POR UNA NUEVA RELACIÓN CAMPO-CIUDAD
Al
hablar de la relación entre el campo y la ciudad lo primero que nos
viene a la cabeza es una dicotomía, una encrucijada ante la que
debemos elegir o que se plantea como una oposición. De igual modo
es un tópico histórico hablar del conflicto campo-ciudad, como es
habitual el lamento por la
despoblación rural.
Sirvan de ejemplo dos referencias actuales: el programa de Jordi
ÉvoleTierra
de nadie,
o el reciente éxito editorial de Sergio del Molino La
España vacía.
Este último libro nos da algunas pistas sobre las características
peculiares de este asunto en nuestro país.

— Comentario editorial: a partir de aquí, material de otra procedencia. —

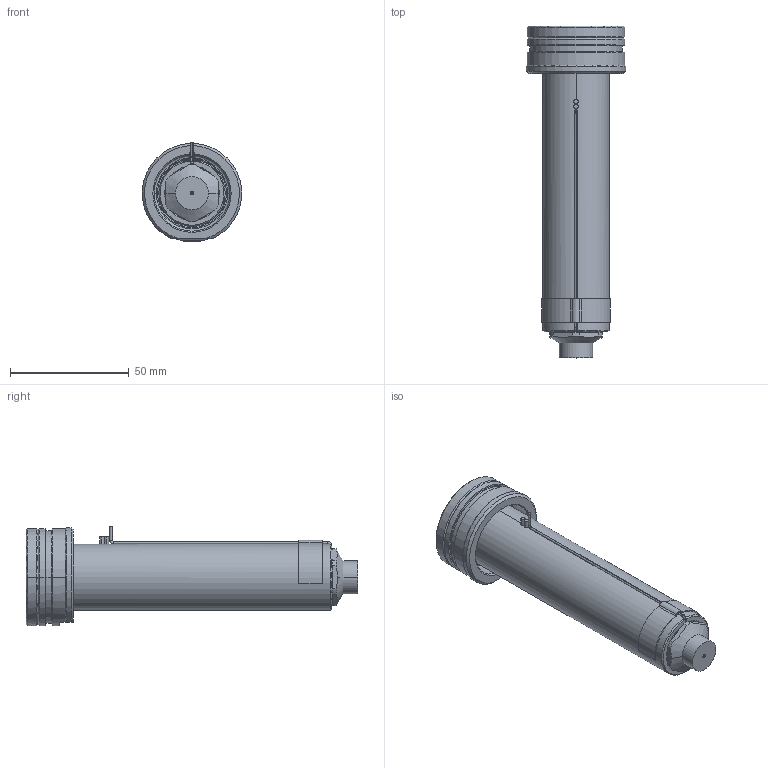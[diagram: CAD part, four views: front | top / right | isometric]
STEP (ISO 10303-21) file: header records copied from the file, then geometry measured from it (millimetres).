
FILE_DESCRIPTION((''),'2;1');
FILE_NAME('EO10_PG-FB_WR_120_SW','2024-02-19T11:35:25',('sundharh'),(''),'CREO PARAMETRIC BY PTC INC, 2023154','CREO PARAMETRIC BY PTC INC, 2023154','');
FILE_SCHEMA(('CONFIG_CONTROL_DESIGN'));
Length unit declared in the file: millimetre
Products named in the file (1): EO10_PG-FB_WR_120_SW
Bounding box: 41.85 x 140 x 42.02 mm (x, y, z)
Volume: 83828.3 mm3; surface area: 23941.1 mm2
Topology: 1 solids, 1 shells, 201 faces, 544 edges, 338 vertices
Faces by surface type: cylinder 80, plane 59, cone 39, torus 17, bspline 3, sphere 3
Entity records: 7400 total; most frequent: CARTESIAN_POINT 2232, DIRECTION 1128, ORIENTED_EDGE 1080, EDGE_CURVE 540, AXIS2_PLACEMENT_3D 470, VERTEX_POINT 338, CIRCLE 272, EDGE_LOOP 218
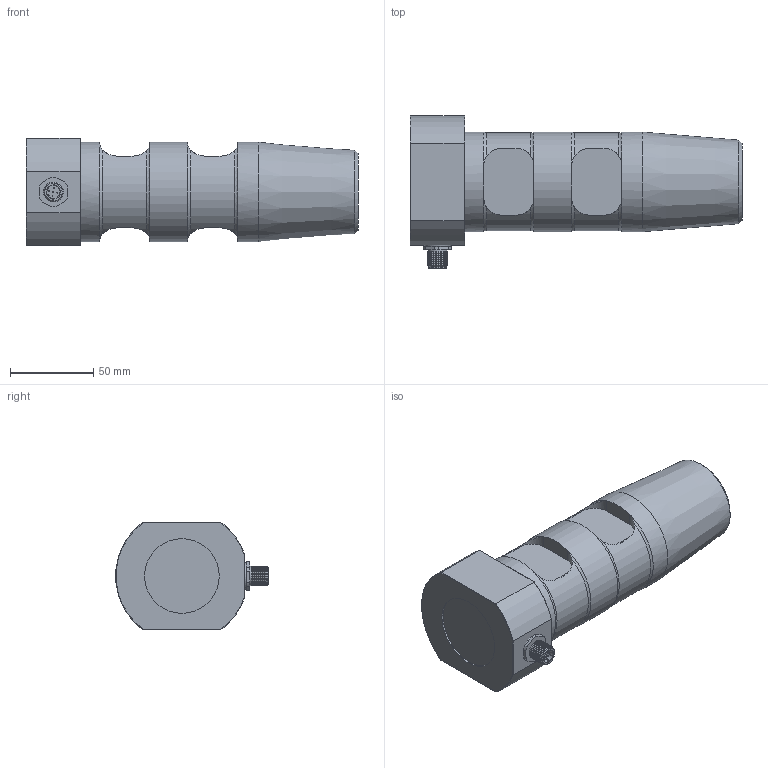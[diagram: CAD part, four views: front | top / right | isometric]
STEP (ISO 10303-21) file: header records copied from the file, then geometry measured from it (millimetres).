
FILE_DESCRIPTION(/* description */ ('Alibre Inc.'),/* implementation_level */ '2;1');
FILE_NAME(/* name */ 'export-115C2FF1-653C-4A0D-9CD7-F9B1B8B7BC35',/* time_stamp */ '2020-03-18T11:59:09+01:00',/* author */ (''),/* organization */ (''),/* preprocessor_version */ 'ST-DEVELOPER v17',/* originating_system */ 'Alibre',/* authorisation */ '');
FILE_SCHEMA (('CONFIG_CONTROL_DESIGN'));
Length unit declared in the file: centimetre
Bounding box: 200 x 91.85 x 65 mm (x, y, z)
Volume: 683899.9 mm3; surface area: 203200.8 mm2
Topology: 7 solids, 8 shells, 237 faces, 517 edges, 303 vertices
Faces by surface type: cylinder 79, cone 77, plane 71, torus 10
Full cylindrical faces by diameter (mm): 0.5 x10, 8 x2, 10 x1, 11 x1, 11.5 x1, 12 x21, 13 x2, 14.5 x1, 45 x1, 60 x3
Entity records: 5806 total; most frequent: CARTESIAN_POINT 1366, ORIENTED_EDGE 826, DIRECTION 730, EDGE_CURVE 407, EDGE_LOOP 351, FACE_BOUND 351, AXIS2_PLACEMENT_3D 340, VERTEX_POINT 288
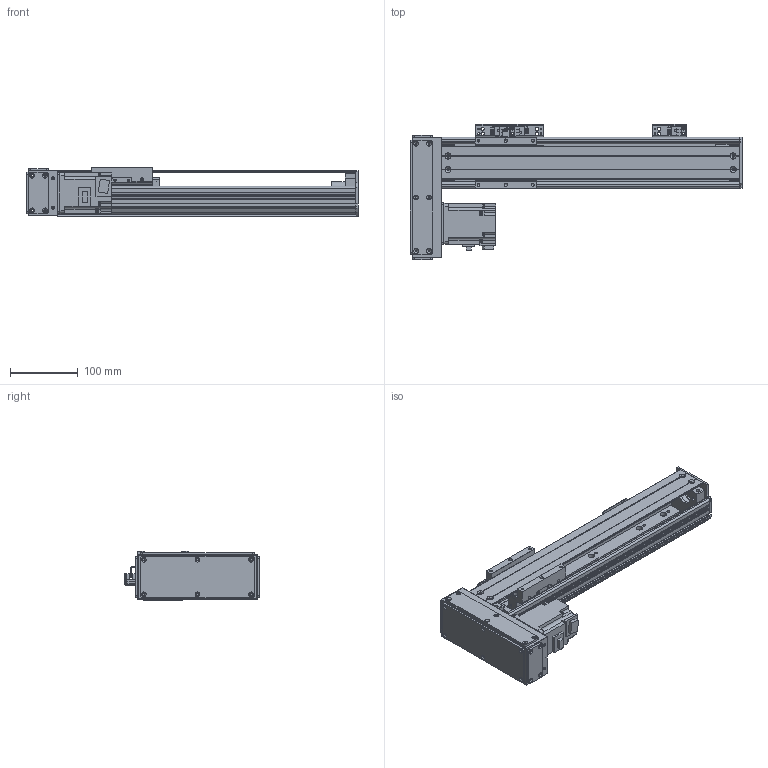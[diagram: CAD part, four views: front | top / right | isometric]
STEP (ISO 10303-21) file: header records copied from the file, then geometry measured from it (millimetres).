
FILE_DESCRIPTION(/* description */ (''),/* implementation_level */ '2;1');
FILE_NAME(/* name */ '\\192.168.0.160\disk1\HAN SHIN Master\B-설계부문\C-표준\B-2024년\BC02-표준도면\+로봇 개선표준도면\홈페이지 표준 도면\홈페이지 최종 작업 폴더\3D\HR\HR75\HR75병렬\우병렬\HR75-R20-N1B-0250-L10.stp',/* time_stamp */ '2025-01-18T16:06:08+09:00',/* author */ ('user'),/* organization */ (''),/* preprocessor_version */ 'ST-DEVELOPER v18.1',/* originating_system */ 'Autodesk Inventor 2022',/* authorisation */ '');
FILE_SCHEMA (('CONFIG_CONTROL_DESIGN'));
Products named in the file (23): HG75-L20-N1B-0500-R10 - 간소화; BASE; HR75 FRONT BLOCK; HR75 REAR COVER-TENTION; HR75 TENSION REAR BLOCK; HG3UPCOV001; H 15F_BLOCK; HG90STOPPER - 20L; HG90STOPPER - 27L; MOTOR PLATE-200W(MITSUBISHI); 화살표; hg-kr23_; M-5HL-4; HR75 W TABLE; LMKE1520 NUT; HR75-LR-BELT COVER(200W); HR75-BELT COVER-COVER2; HR75-BELT COVER-COVER; HR65-BELT COVER-COVER3; HC75-LR-MOTOR PLATE(200W)-사출_MIR; HR65,75 SENSOR DOG; EE_SX674A; SENSOR BRK(EE-SX674A)
Assembly tree (28 placements, depth 2):
  HG75-L20-N1B-0500-R10 - 간소화
    BASE
    HR75 FRONT BLOCK
    HR75 REAR COVER-TENTION
    HR75 TENSION REAR BLOCK
    HG3UPCOV001
    H 15F_BLOCK
    HG90STOPPER - 20L
    HG90STOPPER - 27L
    MOTOR PLATE-200W(MITSUBISHI)
    화살표  x2
    hg-kr23_
    M-5HL-4
    HR75 W TABLE
    LMKE1520 NUT
    SENSOR BRK(EE-SX674A)  x3
    EE_SX674A  x3
    HR75-LR-BELT COVER(200W)
    HR75-BELT COVER-COVER2
    HR75-BELT COVER-COVER
    HR65-BELT COVER-COVER3  x2
    HC75-LR-MOTOR PLATE(200W)-사출_MIR
    HR65,75 SENSOR DOG
Bounding box: 489 x 199 x 73 mm (x, y, z)
Volume: 1191766.6 mm3; surface area: 509996.9 mm2
Topology: 28 solids, 28 shells, 2914 faces, 8033 edges, 5309 vertices
Faces by surface type: plane 2179, cylinder 620, cone 107, sphere 8
Full cylindrical faces by diameter (mm): 1.8 x1, 2 x4, 2.013 x2, 2.459 x16, 2.5 x2, 3 x8, 3.242 x52, 3.4 x20, 3.5 x6, 4.134 x44, 4.5 x22, 4.917 x5, 5 x31, 5.5 x28, 5.6 x8, 5.8 x4, 5.9 x8, 6 x4, 6.5 x1, 7 x1, 8 x1, 9.5 x24, 14 x1, 15 x3, 17 x1, 20 x1, 25 x2, 28 x1, 32 x2, 33.7 x1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
Entity records: 89652 total; most frequent: CARTESIAN_POINT 15912, ORIENTED_EDGE 14950, DIRECTION 14198, EDGE_CURVE 7475, LINE 6168, VECTOR 6168, VERTEX_POINT 4977, AXIS2_PLACEMENT_3D 4015
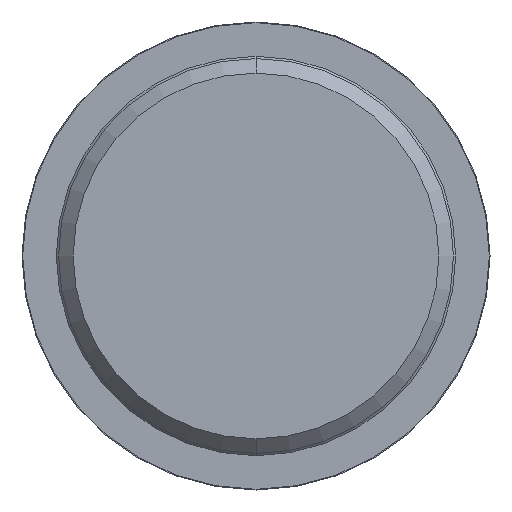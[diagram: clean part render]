
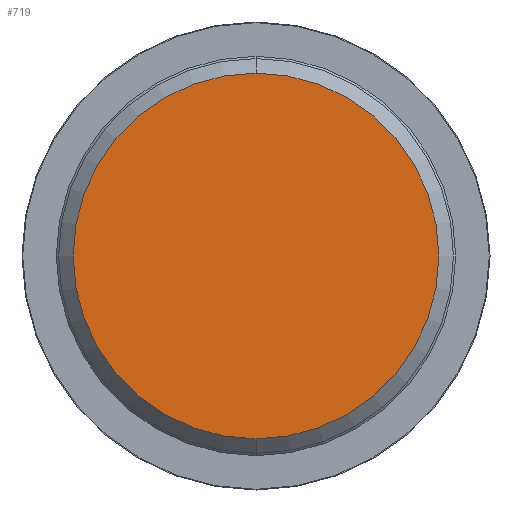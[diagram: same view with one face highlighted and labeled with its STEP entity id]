
A CAD part, front view. The second image highlights one B-rep face of the part: STEP entity #719.
In plain terms, the highlighted planar face has unit normal (0, -1, 0).
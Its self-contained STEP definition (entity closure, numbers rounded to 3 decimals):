
#21 = DIRECTION ( 'NONE',  ( 0., 1., 0. ) ) ;
#103 = CARTESIAN_POINT ( 'NONE',  ( 12.5, 0., 0. ) ) ;
#160 = DIRECTION ( 'NONE',  ( 0., 1., 0. ) ) ;
#241 = CARTESIAN_POINT ( 'NONE',  ( 0., 0., 0. ) ) ;
#248 = ORIENTED_EDGE ( 'NONE', *, *, #567, .F. ) ;
#269 = PLANE ( 'NONE',  #631 ) ;
#275 = EDGE_CURVE ( 'NONE', #413, #608, #823, .T. ) ;
#277 = AXIS2_PLACEMENT_3D ( 'NONE', #241, #21, #557 ) ;
#310 = CARTESIAN_POINT ( 'NONE',  ( 0., 0., 0. ) ) ;
#348 = AXIS2_PLACEMENT_3D ( 'NONE', #310, #160, #766 ) ;
#413 = VERTEX_POINT ( 'NONE', #792 ) ;
#494 = FACE_OUTER_BOUND ( 'NONE', #555, .T. ) ;
#528 = ORIENTED_EDGE ( 'NONE', *, *, #275, .F. ) ;
#540 = CARTESIAN_POINT ( 'NONE',  ( 0., 0., 12.5 ) ) ;
#555 = EDGE_LOOP ( 'NONE', ( #248, #528 ) ) ;
#557 = DIRECTION ( 'NONE',  ( 0., 0., 1. ) ) ;
#567 = EDGE_CURVE ( 'NONE', #608, #413, #940, .T. ) ;
#608 = VERTEX_POINT ( 'NONE', #540 ) ;
#631 = AXIS2_PLACEMENT_3D ( 'NONE', #103, #947, #936 ) ;
#719 = ADVANCED_FACE ( 'NONE', ( #494 ), #269, .F. ) ;
#766 = DIRECTION ( 'NONE',  ( 0., 0., 1. ) ) ;
#792 = CARTESIAN_POINT ( 'NONE',  ( 0., 0., -12.5 ) ) ;
#823 = CIRCLE ( 'NONE', #277, 12.5 ) ;
#936 = DIRECTION ( 'NONE',  ( 0., 0., 1. ) ) ;
#940 = CIRCLE ( 'NONE', #348, 12.5 ) ;
#947 = DIRECTION ( 'NONE',  ( 0., 1., 0. ) ) ;

No obstante, se trata de
un fenómeno que ha acompañado a todas las sociedades del mundo a
medida que se ha ido imponiendo la industrialización y el comercio
a larga distancia. La dislocación entre campo y ciudad puede
rastrearse incluso en la alta edad media, como nos recordaba
Kropotkin en El
apoyo mutuo:
"El
error más grande y más fatal cometido por la mayoría de las
ciudades fue también el basar sus riquezas en el comercio y la
industria, junto con un trato despectivo hacia la agricultura. De tal
modo, repitieron el error cometido ya una vez por las ciudades de la
antigua Grecia y debido al cual cayeron en los mismos crímenes. Pero
el distanciamiento entre las ciudades y la tierra las arrastró,
necesariamente, a una política hostil hacia las clases agrícolas,
que se hizo especialmente visible en Inglaterra durante Eduardo III,
en Francia durante las jacqueries (las grandes rebeliones
campesinas), en Bohemia en las guerras hussitas, y en Alemania
durante la guerra de los campesinos del siglo XVI."
La
transformación agresiva del entorno rural y su despoblamiento en
épocas más recientes se debe sobre todo al mencionado proceso
industrializador unido al comercio a larga distancia. En España no
son pocos los conflictos socio-ambientales planteados por el moderno
desarrollismo a lo largo de nuestra geografía. Sin embargo no suele
identificarse claramente el origen político de ese desarrollismo y
de esa despoblación. De hecho a menudo sus principales promotores
recaban un apoyo mayoritario en las zonas rurales a pesar del
abandono que sufren estas y a pesar del lamento por la despoblación.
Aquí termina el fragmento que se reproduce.